00:06Uma explosão foi registrada no nordeste da capital iraniana.
00:11A Força Aérea Israelense iniciou uma série de ataques em larga escala
00:15contra alvos do regime terrorista iraniano em Teherã.
00:19Mais detalhes serão divulgados em breve e a informação foi divulgada em comunicado do exército
00:25e você vai saber tudo aqui no pré-market.
00:27Porque agora a gente vai dar as boas-vindas, o bom dia para a nossa analista Mariana Almeida
00:32que está chegando conosco. Tudo bem, Mariana Almeida? Bom dia.
00:35Tudo bom, Eric Klein. Bom dia para você, bom dia para todo mundo que acompanha o pré-market.
00:38O que não está bom ainda é lá no Oriente Médio.
00:40A gente vê que esse conflito continua, a escalada do confronto é eminente.
00:47A gente vê imagens ao vivo, agora há pouco, lá de Teherã, na capital do Irã,
00:51que está sob bombardeio novamente.
00:54E isso traz muitas preocupações econômicas no campo econômico.
00:59A gente já vê, por exemplo, reflexos no preço do combustível lá nos Estados Unidos,
01:03o que coloca em xeque o corte de juros também por lá.
01:07Havia uma perspectiva, uma projeção de um corte na próxima reunião do Federal Reserve,
01:12agora 17 e 18 de março.
01:14E parece que o mercado já está revendo as apostas desse corte, não é, Mariana?
01:19Pois é, essa talvez seja uma das principais consequências econômicas.
01:23Para não falar de toda a questão dos efeitos humanos, geopolíticos da guerra,
01:27que a gente ainda vai falar bastante aqui no pré-market,
01:29mas economicamente talvez o que tem mais forte agora acontecendo
01:34é que reacendeu, apertou o botão da memória em relação ao que aconteceu, sabe quando?
01:38Com a guerra da Ucrânia.
01:39A guerra da Ucrânia, que veio logo depois também, ainda no período de pandemia,
01:44então a economia bastante desorganizada, os fluxos totais de circulação complicados,
01:49mas o cereja do Sunday naquele momento foi exatamente o corte na questão da interrupção do gás
01:56e o efeito sobre o custo energético, principalmente na Europa.

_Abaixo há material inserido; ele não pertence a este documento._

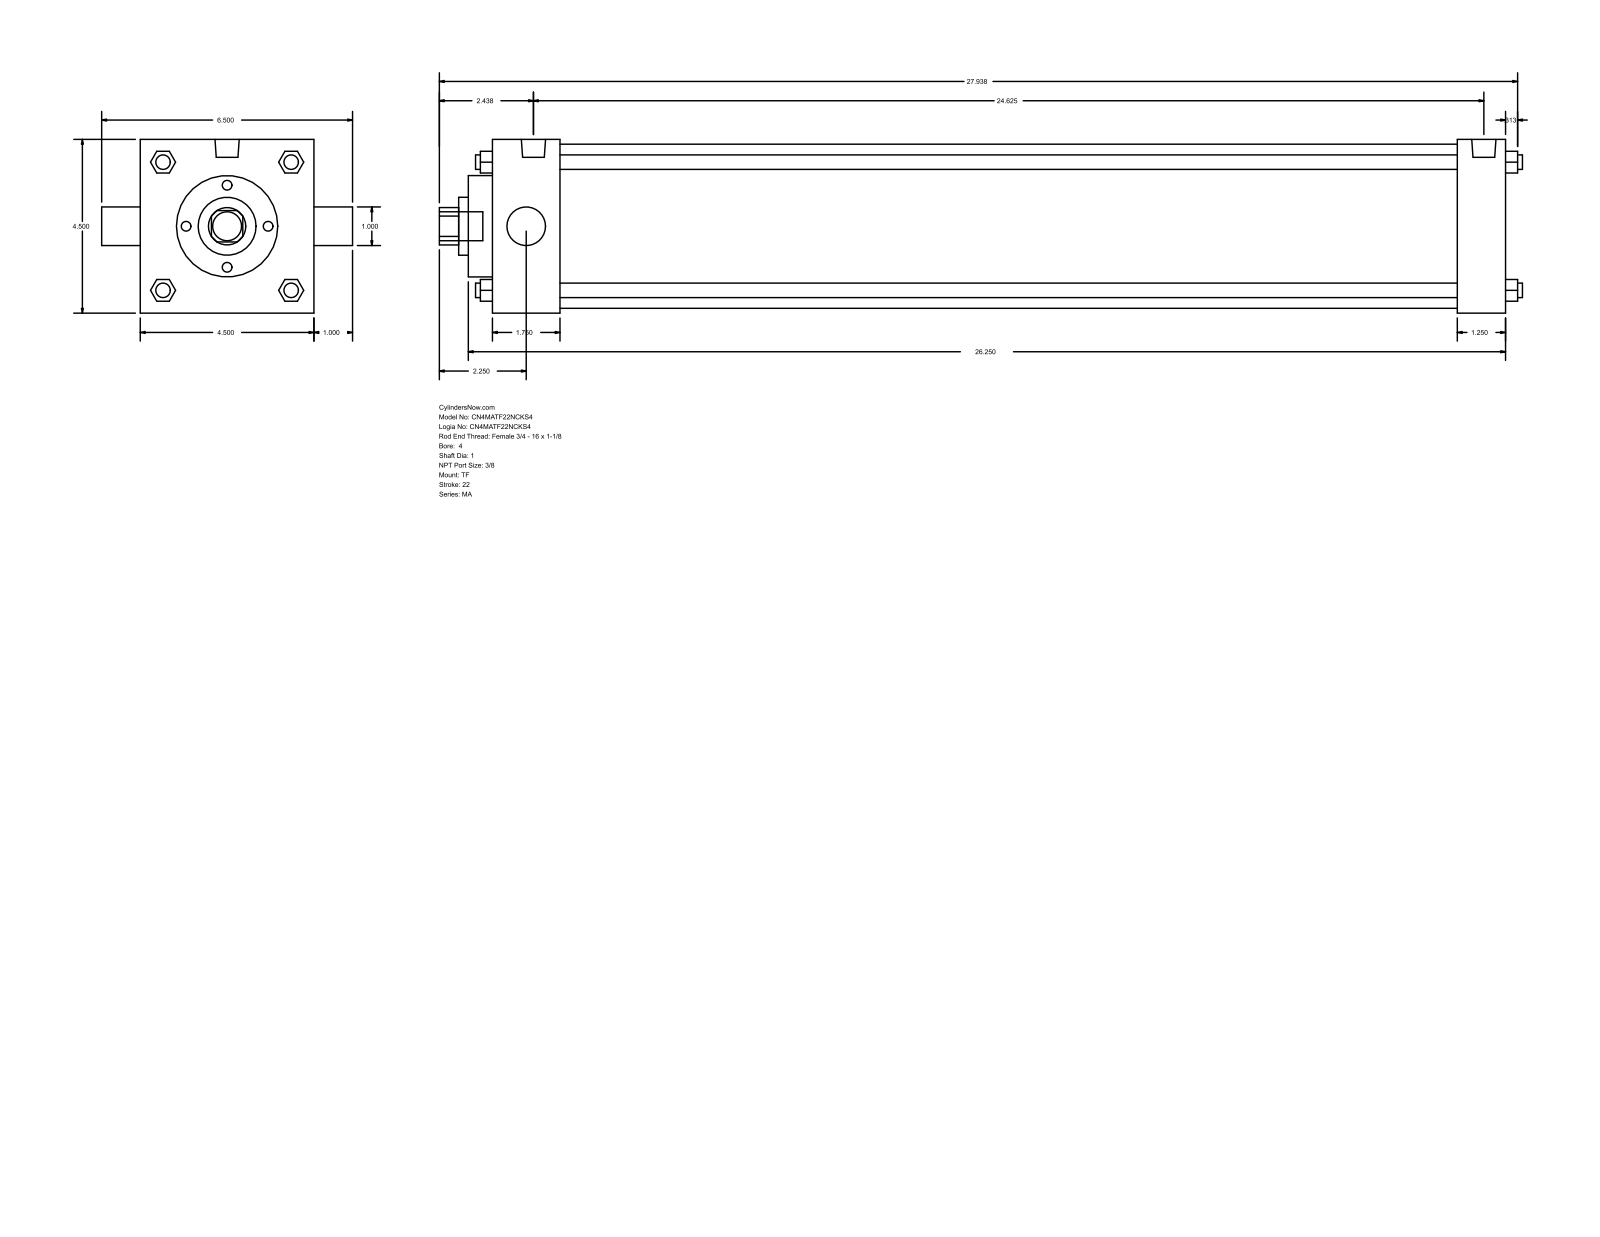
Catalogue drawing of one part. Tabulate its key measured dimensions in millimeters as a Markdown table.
| quantity | value |
| --- | --- |
| part name | MA_TF__0400_1 |
| STEP written by | GSSL Pune (CONFIG_CONTROL_DESIGN) |
| units | millimeters |
| bodies | 0 solids, 122 faces (93 planar, 29 cylindrical, 0 other) |
| overall size | 712.79 × 165.1 × 114.3 |
| round holes (diameter × count) | 25.4 × 2, 38.1 × 1, 66.67 × 1, 107.95 × 1 |
| round bosses / shafts (diameter × count) | 9.53 × 4, 11.11 × 3, 15.93 × 2, 19.05 × 1 |
| partial cylindrical surfaces (radius × count) | 12.29 × 1 |
| main face-to-face distances | 114.3, 666.75, 635, 31.75, 44.46, 590.54, 622.29, 682.62, 15.87, 60.33 |
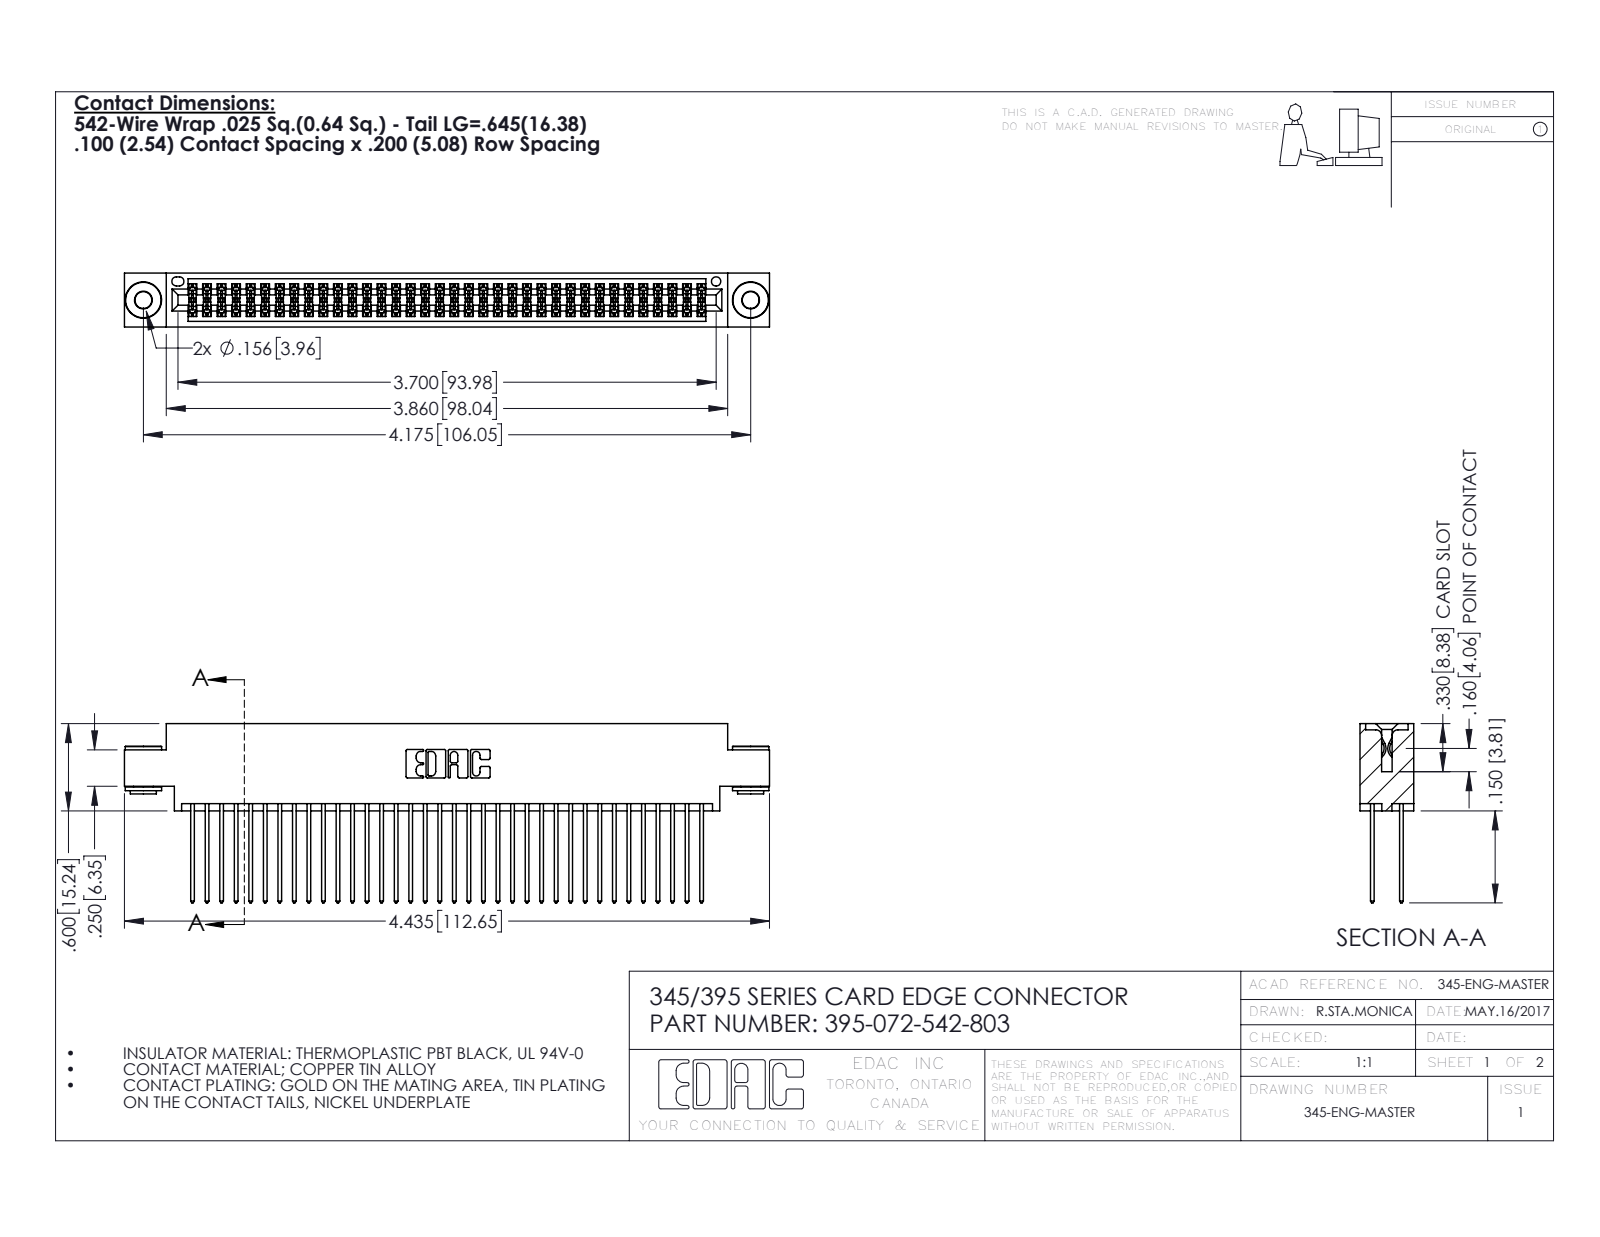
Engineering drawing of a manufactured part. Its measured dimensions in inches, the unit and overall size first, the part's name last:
Units: inches
Overall size (bounding box): 4.435 × 1.232 × 0.37
Round holes (diameter × count): ⌀0.116 ×2, ⌀0.156 ×2, ⌀0.064 ×1
Round bosses / shafts (diameter × count): ⌀0.25 ×2, ⌀0.18 ×2, ⌀0.136 ×2
Partial cylindrical surfaces — rounded edges, fillets, slot ends (radius × count): R0.006 ×108, R0.01 ×72, R0.01 ×22, R0.007 ×6, R0.031 ×6, R0.026 ×3, R0.014 ×2, R0.019 ×2
Main face-to-face distances: 0.072, 0.298, 0.2, 0.098, 0.272, 0.025, 0.37, 0.225, 0.175, 0.149
Hole centre spacings: 0.27, 3.939, 4.175
Volume: 0.679 in³ · Surface area: 28.29 in²
Bodies: 75 solids, 3768 faces (2470 planar, 1290 cylindrical, 8 other)
Part name (STEP PRODUCT): 345-250-002_345-250-002-102; 395-072-542-803; 345 Part_0.170 Offset - 0.156 Dia-TH; 345-292-001_345-293-142
STEP written by: SolidWorks 2016 (CONFIG_CONTROL_DESIGN)

01:59Claro, ali foi mais concentrado, mas a ativação da cadeia de eventos que acontece
02:05quando você tem pressão inflacionária no combustível, essa está quente na memória,
02:09porque tem inflação, a inflação aperta do ponto de vista dos custos,
02:14os governos ficam um pouco sem espaço ali de ferramentas de como agir rapidamente
02:20e a opção muitas vezes é alta de juros.
02:23E o fantasma inflacionário volta a rondar o mundo todo,
02:27não só Estados Unidos, não só Brasil, mas também Europa e inclusive a Ásia.
02:32E esse confronto, ou Donald Trump, segue fazendo desafetos pelo mundo, viu, Mário Almeida?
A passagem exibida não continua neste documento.